About a year ago, amid the Tumblr minefield, I came across a blog called Medieval People of Color. Rather than use my (albeit limited) platform today to highlight the (good) work of another museum—while often worthy and fair game—I choose instead to share this incredible resource. Yes, I’m not a person of color; and please consider me liable, as always, for whatever words I say.

Medieval People of Color exists to provide counter-argument to the popular sentiment, grown up from the art history canon and product of systemic elision, that people of color did not exist en masse prior to the Enlightenment. Medieval POC uses social media—Facebook, Twitter, and Tumblr—to present works of art that either feature or show people of color, elucidates their context, and sometimes reinterprets their more traditional reading. Their tagline is deliciously snotty: Because you wouldn't want to be historically inaccurate, a nod to the rejoinder often touted around by ignorant history teachers and news pundits who insist that European History is a thoroughly white affair.

In their own words, Medieval POC explains their mission in this way:

The ubiquity in modern media to display a fictitiously all-white Europe is often thoughtlessly and inaccurately justified by claims of “historical accuracy”; this blog is here to emphasize the modern racism that retroactively erases gigantic swaths of truth and beauty.

This blog addresses situations regarding North American and often United States-specific misconceptions and miseducation about history, race, and racism. European history is already misrepresented in American classrooms. This blog is dedicated to providing a counternarrative to dominant social, cultural, and political narratives about European history in relation to both white identity and white supremacy as an institutionalized form of oppression. Those who control our knowledge of history also control our present, and putting resources and knowledge back into the hands of those most affected by the misinformation and misrepresentation codified into the U.S. education system is a large part of the purpose in curating this blog.

If a statement like this strikes you as too pointed, perhaps too accusatory, I’d recommend a quote from Toni Morrison—also found on the site’s Mission Statement tab.
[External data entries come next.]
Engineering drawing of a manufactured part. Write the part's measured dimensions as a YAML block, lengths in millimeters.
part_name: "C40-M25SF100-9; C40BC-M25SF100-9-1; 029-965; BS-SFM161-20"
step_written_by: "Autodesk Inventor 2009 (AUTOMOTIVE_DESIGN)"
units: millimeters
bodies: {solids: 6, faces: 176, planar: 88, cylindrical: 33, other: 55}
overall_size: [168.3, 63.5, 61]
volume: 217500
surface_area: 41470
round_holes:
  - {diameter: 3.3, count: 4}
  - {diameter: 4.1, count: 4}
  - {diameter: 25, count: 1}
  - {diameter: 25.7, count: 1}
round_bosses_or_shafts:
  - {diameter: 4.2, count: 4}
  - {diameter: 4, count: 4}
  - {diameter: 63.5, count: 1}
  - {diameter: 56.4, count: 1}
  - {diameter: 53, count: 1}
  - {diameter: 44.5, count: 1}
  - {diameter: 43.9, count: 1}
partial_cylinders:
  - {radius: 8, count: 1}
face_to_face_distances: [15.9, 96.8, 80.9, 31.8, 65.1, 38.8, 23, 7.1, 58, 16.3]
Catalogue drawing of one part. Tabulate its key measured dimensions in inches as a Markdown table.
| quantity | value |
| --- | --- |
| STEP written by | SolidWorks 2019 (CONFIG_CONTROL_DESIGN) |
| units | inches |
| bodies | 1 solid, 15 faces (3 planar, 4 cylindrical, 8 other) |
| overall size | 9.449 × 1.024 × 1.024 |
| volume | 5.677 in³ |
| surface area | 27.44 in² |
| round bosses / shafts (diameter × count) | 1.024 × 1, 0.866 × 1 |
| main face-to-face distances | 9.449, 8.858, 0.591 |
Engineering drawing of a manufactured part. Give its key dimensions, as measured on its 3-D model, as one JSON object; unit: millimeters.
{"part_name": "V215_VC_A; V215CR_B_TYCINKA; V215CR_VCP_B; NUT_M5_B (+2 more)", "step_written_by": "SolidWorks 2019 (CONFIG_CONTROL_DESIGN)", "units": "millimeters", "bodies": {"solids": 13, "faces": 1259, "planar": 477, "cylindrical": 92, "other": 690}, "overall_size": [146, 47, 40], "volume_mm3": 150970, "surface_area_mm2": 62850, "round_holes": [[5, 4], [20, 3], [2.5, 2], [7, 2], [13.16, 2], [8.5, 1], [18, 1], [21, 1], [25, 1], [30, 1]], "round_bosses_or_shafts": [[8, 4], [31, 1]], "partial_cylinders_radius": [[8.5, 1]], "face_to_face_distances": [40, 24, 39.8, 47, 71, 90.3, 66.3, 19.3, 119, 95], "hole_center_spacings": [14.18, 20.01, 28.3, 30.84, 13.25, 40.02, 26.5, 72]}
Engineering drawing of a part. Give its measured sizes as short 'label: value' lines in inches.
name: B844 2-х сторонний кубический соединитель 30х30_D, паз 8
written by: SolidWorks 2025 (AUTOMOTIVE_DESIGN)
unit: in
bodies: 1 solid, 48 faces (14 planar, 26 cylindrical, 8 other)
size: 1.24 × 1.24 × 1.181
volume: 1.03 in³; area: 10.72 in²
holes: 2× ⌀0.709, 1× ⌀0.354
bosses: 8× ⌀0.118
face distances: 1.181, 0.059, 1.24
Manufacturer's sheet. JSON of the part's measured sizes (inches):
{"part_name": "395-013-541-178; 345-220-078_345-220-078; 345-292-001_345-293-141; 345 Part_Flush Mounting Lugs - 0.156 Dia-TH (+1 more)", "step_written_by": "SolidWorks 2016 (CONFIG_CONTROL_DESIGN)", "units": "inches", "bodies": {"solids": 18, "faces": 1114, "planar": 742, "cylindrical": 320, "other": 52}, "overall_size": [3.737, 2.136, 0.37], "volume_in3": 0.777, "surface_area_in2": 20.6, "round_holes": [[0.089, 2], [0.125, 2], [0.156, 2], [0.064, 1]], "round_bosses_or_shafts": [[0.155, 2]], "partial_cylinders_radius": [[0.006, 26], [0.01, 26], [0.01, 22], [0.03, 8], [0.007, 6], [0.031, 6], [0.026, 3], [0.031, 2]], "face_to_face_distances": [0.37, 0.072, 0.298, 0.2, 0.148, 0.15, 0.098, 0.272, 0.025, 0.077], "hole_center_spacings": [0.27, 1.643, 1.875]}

Morrison ties up the experiential reasoning for such a place as Medieval POC quite nicely:

The function, the very serious function of racism, is distraction. It keeps you from doing your work. It keeps you explaining, over and over again, your reason for being. Somebody says you have no language, so you spend twenty years proving that you do. Somebody says your head isn’t shaped properly, so you have scientists working on the fact that it is. Someone says you have no art, so you dredge that up. Somebody says you have no kingdoms, so you dredge that up. None of that is necessary. There will always be one more thing.

It is easy, and cheap, as a white person or as an educator (or both), to suggest that knowledge is a zero-sum game. That more knowledge about a more inclusive art history somehow results in lesser access or a poorer understanding of the canon. This is simply not the case. To mount a defense of the canon, because such a place as Medieval POC exists and presents preexisting historical work that has traditionally been overlooked, is, in the very least, having your heart in the wrong place, and, at most, a work of pure biased animus.

Yet Medieval POC’s mission is more encompassing as well. Unsurprisingly, perhaps, the project hopes to do some justice through its sharing of art and inclusive creative work. Medieval POC has amassed a lengthy body of resources, part bibliography and part quotation database, around such issues as representation, spoon theory, women’s issues, etc. The blog also highlights working writers—something close to my heart, via our own mission at Backwords—by sharing the stories of published people of color working (typically) in fantasy and science-fiction, one of the especial loves of the blog runner.

Most handy, though, is the way Medieval POC organizes its project: by century. Travel to their blog, and you can hop back in time by 100-year period to access the oft-overlooked art and artists of European History, displaying a richer picture of how people interacted in the so-called West.

Above is Fragment 33r, by The Bristol Psalter of the 1000CE period, depicting King David’s crowning in Israel—one of many illuminated manuscripts on the blog, illustrative of a non-white Christianity. You can read more about that here.

Below-left is a 12th-Century carved statue, in paint and gilded wood, called The Black Virgin of Meymac. It hails from France, and carries its own considered history of symbolism and tradition—which you can read about here.

Likewise are other artisan goods considered, not just trade goods but products of influence, such as this lampas cloth (above-right) from 1240-1260 by an unknown (probably Jin Chinese) artisan. More on that here.

You may also recognize this portrait (below) of Sir Jean-Baptiste Chardin, 1711, as a classic example of the British School period. Yet often in history books, publishers tighten the focus onto John’s face and crop out the map and servant. Here’s the post with the full portrait.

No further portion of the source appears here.